Check every line below for the word "rotation" and copy the ones that have it.

[[ Provided data, beginning ]]

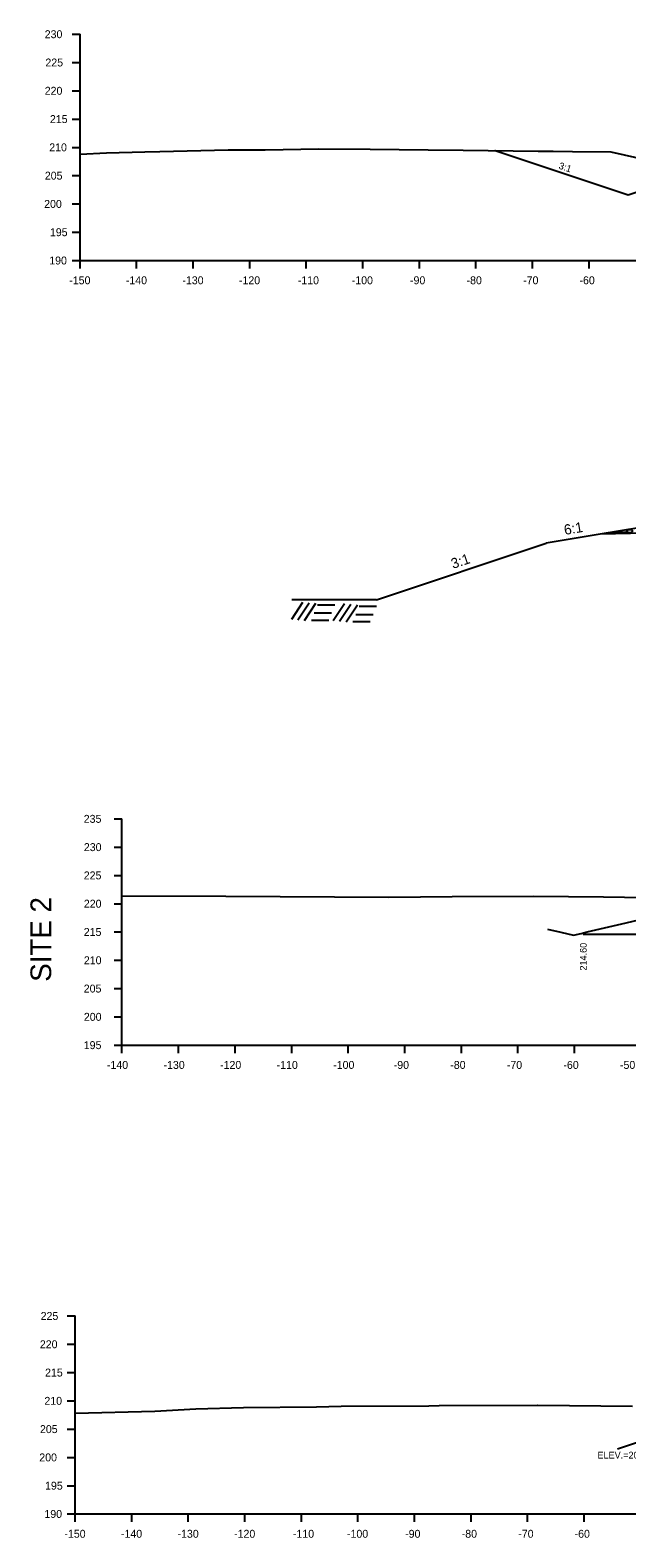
# Model space of a CAD drawing. Extents: x 2829243 to 2838161, y 467639 to 474695.
# Drawn here: x 2831378 to 2831905, y 468841 to 470174 of the extents above; entities that cross this region are included whole.
import ezdxf

# ---------------------------------------------------------------- set-up
doc = ezdxf.new("R2010")
doc.units = 0
for name, color, linetype in [('R_Axis', 7, 'Continuous'), ('R_Axis Annot', 7, 'Continuous'), ('R_Dimension', 7, 'Continuous'), ('R_Draft', 7, 'Continuous'), ('R_Exist Surface', 7, 'Continuous'), ('R_Fin Surface', 7, 'Continuous'), ('R_Grid', 7, 'Continuous'), ('R_Water', 7, 'Continuous'), ('R_Xsect Elev', 7, 'Continuous'), ('R_Xsect Slope', 7, 'Continuous')]:
    doc.layers.add(name, color=color, linetype=linetype)

msp = doc.modelspace()

# ---------------------------------------------------------------- linework, layer by layer
at = {"layer": 'R_Axis'}
for p, q in [((2831415, 470170.3), (2831422, 470170.3)), ((2831422, 469970.3), (2831422, 470170.3)), ((2831415, 470145.3), (2831422, 470145.3)), ((2831415, 470120.3), (2831422, 470120.3)), ((2831415, 470095.3), (2831422, 470095.3)), ((2831415, 470070.3), (2831422, 470070.3)), ((2831415, 470045.3), (2831422, 470045.3)), ((2831415, 470020.3), (2831422, 470020.3)), ((2831415, 469995.3), (2831422, 469995.3)), ((2831415, 469970.3), (2831422, 469970.3)), ((2831422, 469970.3), (2832922, 469970.3)), ((2831422, 469963.3), (2831422, 469970.3)), ((2831472, 469963.3), (2831472, 469970.3)), ((2831522, 469963.3), (2831522, 469970.3)), ((2831572, 469963.3), (2831572, 469970.3)), ((2831622, 469963.3), (2831622, 469970.3)), ((2831672, 469963.3), (2831672, 469970.3)), ((2831722, 469963.3), (2831722, 469970.3)), ((2831772, 469963.3), (2831772, 469970.3)), ((2831822, 469963.3), (2831822, 469970.3)), ((2831872, 469963.3), (2831872, 469970.3)), ((2831452.1, 469476.8), (2831459.1, 469476.8)), ((2831459.1, 469276.8), (2831459.1, 469476.8)), ((2831452.1, 469451.8), (2831459.1, 469451.8)), ((2831452.1, 469426.8), (2831459.1, 469426.8)), ((2831452.1, 469401.8), (2831459.1, 469401.8)), ((2831452.1, 469376.8), (2831459.1, 469376.8)), ((2831452.1, 469351.8), (2831459.1, 469351.8)), ((2831452.1, 469326.8), (2831459.1, 469326.8)), ((2831452.1, 469301.8), (2831459.1, 469301.8)), ((2831452.1, 469276.8), (2831459.1, 469276.8)), ((2831459.1, 469276.8), (2832859.1, 469276.8)), ((2831459.1, 469269.8), (2831459.1, 469276.8)), ((2831509.1, 469269.8), (2831509.1, 469276.8)), ((2831559.1, 469269.8), (2831559.1, 469276.8)), ((2831609.1, 469269.8), (2831609.1, 469276.8)), ((2831659.1, 469269.8), (2831659.1, 469276.8)), ((2831709.1, 469269.8), (2831709.1, 469276.8)), ((2831759.1, 469269.8), (2831759.1, 469276.8)), ((2831809.1, 469269.8), (2831809.1, 469276.8)), ((2831859.1, 469269.8), (2831859.1, 469276.8)), ((2831410.7, 469037.4), (2831417.7, 469037.4)), ((2831417.7, 468862.4), (2831417.7, 469037.4)), ((2831410.7, 469012.4), (2831417.7, 469012.4)), ((2831410.7, 468987.4), (2831417.7, 468987.4)), ((2831410.7, 468962.4), (2831417.7, 468962.4)), ((2831410.7, 468937.4), (2831417.7, 468937.4)), ((2831410.7, 468912.4), (2831417.7, 468912.4)), ((2831410.7, 468887.4), (2831417.7, 468887.4)), ((2831410.7, 468862.4), (2831417.7, 468862.4)), ((2831417.7, 468862.4), (2832917.7, 468862.4)), ((2831417.7, 468855.4), (2831417.7, 468862.4)), ((2831467.7, 468855.4), (2831467.7, 468862.4)), ((2831517.7, 468855.4), (2831517.7, 468862.4)), ((2831567.7, 468855.4), (2831567.7, 468862.4)), ((2831617.7, 468855.4), (2831617.7, 468862.4)), ((2831667.7, 468855.4), (2831667.7, 468862.4)), ((2831717.7, 468855.4), (2831717.7, 468862.4)), ((2831767.7, 468855.4), (2831767.7, 468862.4)), ((2831817.7, 468855.4), (2831817.7, 468862.4)), ((2831867.7, 468855.4), (2831867.7, 468862.4))]:
    msp.add_line(p, q, dxfattribs=at)
at = {"layer": 'R_Draft'}
for p, q in [((2831984.1, 469745.4), (2831881.8, 469728.4)), ((2831881.8, 469728.4), (2831834.1, 469720.4)), ((2832209.1, 469734.9), (2831881.8, 469728.4)), ((2831684.1, 469670.4), (2831834.1, 469720.4)), ((2831684.1, 469670.4), (2831609.1, 469670.4)), ((2831609.1, 469653.3), (2831619.1, 469668.4)), ((2831614.5, 469652.7), (2831624.5, 469667.8)), ((2831620.5, 469652.2), (2831630.5, 469667.3)), ((2831629.1, 469658.9), (2831644.3, 469658.9)), ((2831632, 469666.1), (2831647.3, 469666.1)), ((2831645.9, 469652), (2831655.9, 469667.1)), ((2831651.3, 469651.4), (2831661.3, 469666.5)), ((2831657.3, 469650.8), (2831667.3, 469665.9)), ((2831665.9, 469657.5), (2831681.1, 469657.5)), ((2831668.8, 469664.8), (2831684.1, 469664.8)), ((2831626.5, 469652.5), (2831641.8, 469652.5)), ((2831663.3, 469651.1), (2831678.6, 469651.1))]:
    msp.add_line(p, q, dxfattribs=at)
for points in [[(2831885.3, 469728.4), (2831885.3, 469728.4), (2831885.3, 469728.5), (2831885.3, 469728.7), (2831885.3, 469728.8), (2831885.3, 469728.9), (2831885.3, 469728.9)], [(2831885.4, 469728.9), (2831885.4, 469728.9), (2831885.4, 469728.8), (2831885.3, 469728.7), (2831885.4, 469728.6), (2831885.4, 469728.5), (2831885.4, 469728.4)], [(2831890.3, 469728.5), (2831890.3, 469728.6), (2831890.3, 469728.7), (2831890.3, 469728.9), (2831890.3, 469729.1), (2831890.2, 469729.3), (2831890, 469729.4), (2831889.8, 469729.5), (2831889.7, 469729.6), (2831889.6, 469729.6), (2831889.6, 469729.6)], [(2831890.5, 469729.2), (2831890.5, 469729.2), (2831890.4, 469729), (2831890.4, 469728.9), (2831890.3, 469728.7), (2831890.4, 469728.6), (2831890.4, 469728.5), (2831890.4, 469728.5)], [(2831895.3, 469728.6), (2831895.3, 469728.6), (2831895.3, 469728.7), (2831895.3, 469728.9), (2831895.3, 469729.1), (2831895.2, 469729.3), (2831895, 469729.4), (2831894.8, 469729.5), (2831894.7, 469729.6), (2831894.4, 469729.7), (2831894.1, 469729.9), (2831893.6, 469729.9), (2831893.1, 469729.9), (2831892.6, 469729.9), (2831892.2, 469729.9), (2831891.8, 469729.8), (2831891.5, 469729.7), (2831891.1, 469729.6), (2831890.9, 469729.4), (2831890.7, 469729.3), (2831890.5, 469729.2), (2831890.5, 469729.1)], [(2831891.9, 469730), (2831892.1, 469730), (2831892.5, 469729.9), (2831893.1, 469729.9), (2831893.9, 469730), (2831894.5, 469730.2), (2831894.8, 469730.4), (2831895, 469730.5)], [(2831895.5, 469729.2), (2831895.5, 469729.2), (2831895.4, 469729), (2831895.4, 469728.9), (2831895.3, 469728.7), (2831895.4, 469728.6), (2831895.4, 469728.6)], [(2831900.3, 469728.7), (2831900.4, 469728.8), (2831900.3, 469728.9), (2831900.3, 469729.1), (2831900.2, 469729.3), (2831900, 469729.4), (2831899.8, 469729.5), (2831899.7, 469729.6), (2831899.4, 469729.7), (2831899.1, 469729.9), (2831898.6, 469729.9), (2831898.1, 469729.9), (2831897.6, 469729.9), (2831897.2, 469729.9), (2831896.8, 469729.8), (2831896.5, 469729.7), (2831896.2, 469729.6), (2831895.9, 469729.4), (2831895.7, 469729.3), (2831895.5, 469729.2), (2831895.5, 469729.1)], [(2831895.6, 469730.6), (2831895.7, 469730.6), (2831895.8, 469730.5), (2831895.9, 469730.4), (2831896.1, 469730.3), (2831896.4, 469730.2), (2831896.8, 469730), (2831897.4, 469729.9), (2831898.1, 469729.9), (2831898.9, 469730), (2831899.6, 469730.2), (2831900, 469730.6), (2831900.3, 469730.8), (2831900.3, 469731.1), (2831900.4, 469731.3), (2831900.3, 469731.4), (2831900.3, 469731.4)], [(2831900.4, 469731.5), (2831900.4, 469731.4), (2831900.4, 469731.3), (2831900.3, 469731.2), (2831900.4, 469731), (2831900.5, 469730.8), (2831900.6, 469730.6), (2831900.8, 469730.5), (2831900.9, 469730.4), (2831901.1, 469730.3), (2831901.4, 469730.2), (2831901.8, 469730), (2831902.4, 469729.9), (2831903.2, 469729.9), (2831903.9, 469730), (2831904.6, 469730.2), (2831905, 469730.6), (2831905.3, 469730.8), (2831905.4, 469731.1), (2831905.4, 469731.4), (2831905.3, 469731.6), (2831905.2, 469731.7), (2831905, 469731.8), (2831904.9, 469731.9), (2831904.7, 469732.1), (2831904.6, 469732.1), (2831904.5, 469732.1)], [(2831900.6, 469729.2), (2831900.5, 469729.2), (2831900.4, 469729), (2831900.4, 469728.9), (2831900.4, 469728.8), (2831900.4, 469728.7)], [(2831905.4, 469728.8), (2831905.4, 469728.9), (2831905.3, 469729), (2831905.3, 469729.1), (2831905.2, 469729.3), (2831905, 469729.4), (2831904.9, 469729.5), (2831904.7, 469729.6), (2831904.4, 469729.7), (2831904.1, 469729.9), (2831903.6, 469729.9), (2831903.1, 469729.9), (2831902.6, 469729.9), (2831902.2, 469729.9), (2831901.8, 469729.8), (2831901.5, 469729.7), (2831901.2, 469729.6), (2831900.9, 469729.4), (2831900.7, 469729.3), (2831900.5, 469729.2), (2831900.5, 469729.1)], [(2831905.6, 469731.6), (2831905.5, 469731.6), (2831905.5, 469731.5), (2831905.4, 469731.3), (2831905.3, 469731.2), (2831905.4, 469731), (2831905.5, 469730.8), (2831905.6, 469730.6), (2831905.8, 469730.5), (2831905.9, 469730.4), (2831906.1, 469730.3), (2831906.4, 469730.2), (2831906.8, 469730), (2831907.5, 469729.9), (2831908.2, 469729.9), (2831908.9, 469730), (2831909.6, 469730.2), (2831910, 469730.6), (2831910.3, 469730.8), (2831910.4, 469731.1), (2831910.4, 469731.4), (2831910.3, 469731.6), (2831910.2, 469731.7), (2831910.1, 469731.8), (2831909.9, 469731.9), (2831909.7, 469732.1), (2831909.5, 469732.2), (2831909.1, 469732.3), (2831908.7, 469732.3), (2831908.1, 469732.4), (2831907.6, 469732.3), (2831907.2, 469732.3), (2831906.8, 469732.2), (2831906.5, 469732.2), (2831906.2, 469732), (2831905.9, 469731.9), (2831905.7, 469731.7), (2831905.6, 469731.6), (2831905.5, 469731.6)]]:
    msp.add_open_spline(points, degree=3, dxfattribs=at)
at = {"layer": 'R_Exist Surface'}
for points in [[(2831422, 470064.3), (2831445.4, 470065.4), (2831479.2, 470066.2), (2831492.7, 470066.6), (2831553, 470068.2), (2831585.8, 470068), (2831633, 470068.9), (2831678.5, 470068.6), (2831729.8, 470068), (2831760.6, 470067.8), (2831827, 470067), (2831840.3, 470066.9), (2831857.2, 470066.7), (2831891.2, 470066.2), (2831923.9, 470058.9)], [(2831459.1, 469408.9), (2831551, 469408.4), (2831694.9, 469407.7), (2831751, 469408.1), (2831822.9, 469408.4), (2831884.6, 469408), (2832015.7, 469405.7)], [(2831417.7, 468951.4), (2831488.1, 468953.4), (2831524.3, 468955.3), (2831566.5, 468956.6), (2831631.1, 468957.1), (2831652.9, 468957.8), (2831730.3, 468958.1), (2831739.5, 468958.3), (2831826.3, 468958.5), (2831826.4, 468958.5), (2831826.6, 468958.5), (2831910.3, 468957.8)]]:
    msp.add_lwpolyline(points, dxfattribs=at)
at = {"layer": 'R_Fin Surface'}
for points in [[(2831789.1, 470067.5), (2831789.1, 470067.5), (2831906.6, 470028.3), (2832047, 470075.1), (2832062.7, 470077.7), (2832097, 470083.4), (2832117, 470084.2), (2832165.2, 470085.2), (2832172, 470085.3), (2832179.9, 470085.2), (2832227, 470084.2), (2832237.4, 470083.8), (2832247, 470083.4), (2832281.2, 470077.7), (2832312, 470072.6), (2832389.6, 470071)], [(2831835.1, 469379.4), (2831847, 469376.7), (2831858.3, 469374), (2831865.1, 469375.6), (2831870.4, 469376.9), (2831904.7, 469384.9), (2831941.1, 469393.4), (2831944.2, 469394.2), (2831948.2, 469395.1), (2831979.4, 469400.6), (2832063, 469415.3)], [(2831897.2, 468920), (2832032.7, 468965.2), (2832042.9, 468966.9), (2832092.7, 468975.2)]]:
    msp.add_lwpolyline(points, dxfattribs=at)
at = {"layer": 'R_Grid'}
for p, q in [((2831459.1, 469276.8), (2831459.1, 469476.8)), ((2831459.1, 469276.8), (2832859.1, 469276.8)), ((2831417.7, 468862.4), (2831417.7, 469037.4)), ((2831417.7, 468862.4), (2832917.7, 468862.4))]:
    msp.add_line(p, q, dxfattribs=at)
at = {"layer": 'R_Water'}
msp.add_line((2831866.9, 469374.8), (2832472.3, 469374.3), dxfattribs=at)

# ---------------------------------------------------------------- texts
at = {"layer": 'R_Axis Annot'}
for s, p in [('230', (2831390.8, 470166.8)), ('225', (2831391.4, 470141.8)), ('220', (2831390.8, 470116.8)), ('215', (2831395.4, 470091.8)), ('210', (2831394.8, 470066.8)), ('205', (2831390.9, 470041.8)), ('200', (2831390.3, 470016.8)), ('195', (2831395.4, 469991.8)), ('190', (2831394.8, 469966.8)), ('-150', (2831412.5, 469949.3)), ('-140', (2831462.5, 469949.3)), ('-130', (2831512.5, 469949.3)), ('-120', (2831562.5, 469949.3)), ('-110', (2831614.5, 469949.3)), ('-100', (2831662.2, 469949.3)), ('-90', (2831713.7, 469949.3)), ('-80', (2831763.7, 469949.3)), ('-70', (2831813.7, 469949.3)), ('-60', (2831863.5, 469949.3)), ('235', (2831425.3, 469473.3)), ('230', (2831425.4, 469448.3)), ('225', (2831425.3, 469423.3)), ('220', (2831425.4, 469398.3)), ('215', (2831425.3, 469373.3)), ('210', (2831425.4, 469348.3)), ('205', (2831425.3, 469323.3)), ('200', (2831425.4, 469298.3)), ('195', (2831425.3, 469273.3)), ('-140', (2831445.8, 469255.8)), ('-130', (2831495.8, 469255.8)), ('-120', (2831545.8, 469255.8)), ('-110', (2831595.8, 469255.8)), ('-100', (2831645.8, 469255.8)), ('-90', (2831699.3, 469255.8)), ('-80', (2831749.3, 469255.8)), ('-70', (2831799.3, 469255.8)), ('-60', (2831849.3, 469255.8)), ('-50', (2831899.3, 469255.8)), ('225', (2831387.2, 469033.9)), ('220', (2831386.5, 469008.9)), ('215', (2831391.1, 468983.9)), ('210', (2831390.5, 468958.9)), ('205', (2831386.6, 468933.9)), ('200', (2831386, 468908.9)), ('195', (2831391.1, 468883.9)), ('190', (2831390.5, 468858.9)), ('-150', (2831408.2, 468841.4)), ('-140', (2831458.2, 468841.4)), ('-130', (2831508.2, 468841.4)), ('-120', (2831558.2, 468841.4)), ('-110', (2831610.2, 468841.4)), ('-100', (2831658, 468841.4)), ('-90', (2831709.4, 468841.4)), ('-80', (2831759.4, 468841.4)), ('-70', (2831809.4, 468841.4)), ('-60', (2831859.2, 468841.4))]:
    msp.add_text(s, height=7, dxfattribs=at).set_placement(p)
at = {"layer": 'R_Dimension'}
msp.add_text('SITE 2', height=18.31, rotation=90, dxfattribs=at).set_placement((2831396.5, 469332.8))
at = {"layer": 'R_Draft'}
for s, rotation, p in [('6:1', 9.4623, (2831850.6, 469727.7)), ('3:1', 18.4349, (2831751.7, 469697.7))]:
    msp.add_text(s, height=9, rotation=rotation, dxfattribs=at).set_placement(p)
at = {"layer": 'R_Xsect Elev'}
msp.add_text('214.60', height=6, rotation=90, dxfattribs=at).set_placement((2831869.9, 469342.7))
msp.add_text('ELEV.=201.60', height=6, dxfattribs=at).set_placement((2831879.4, 468911.4))
at = {"layer": 'R_Xsect Slope'}
msp.add_text('3:1', height=6, rotation=341.5662, dxfattribs=at).set_placement((2831844.7, 470051.6))

doc.saveas('drawing.dxf')

[[ Provided data, end ]]

▶ _Output of the task_
msp.add_text('SITE 2', height=18.31, rotation=90, dxfattribs=at).set_placement((2831396.5, 469332.8))
for s, rotation, p in [('6:1', 9.4623, (2831850.6, 469727.7)), ('3:1', 18.4349, (2831751.7, 469697.7))]:
    msp.add_text(s, height=9, rotation=rotation, dxfattribs=at).set_placement(p)
msp.add_text('214.60', height=6, rotation=90, dxfattribs=at).set_placement((2831869.9, 469342.7))
msp.add_text('3:1', height=6, rotation=341.5662, dxfattribs=at).set_placement((2831844.7, 470051.6))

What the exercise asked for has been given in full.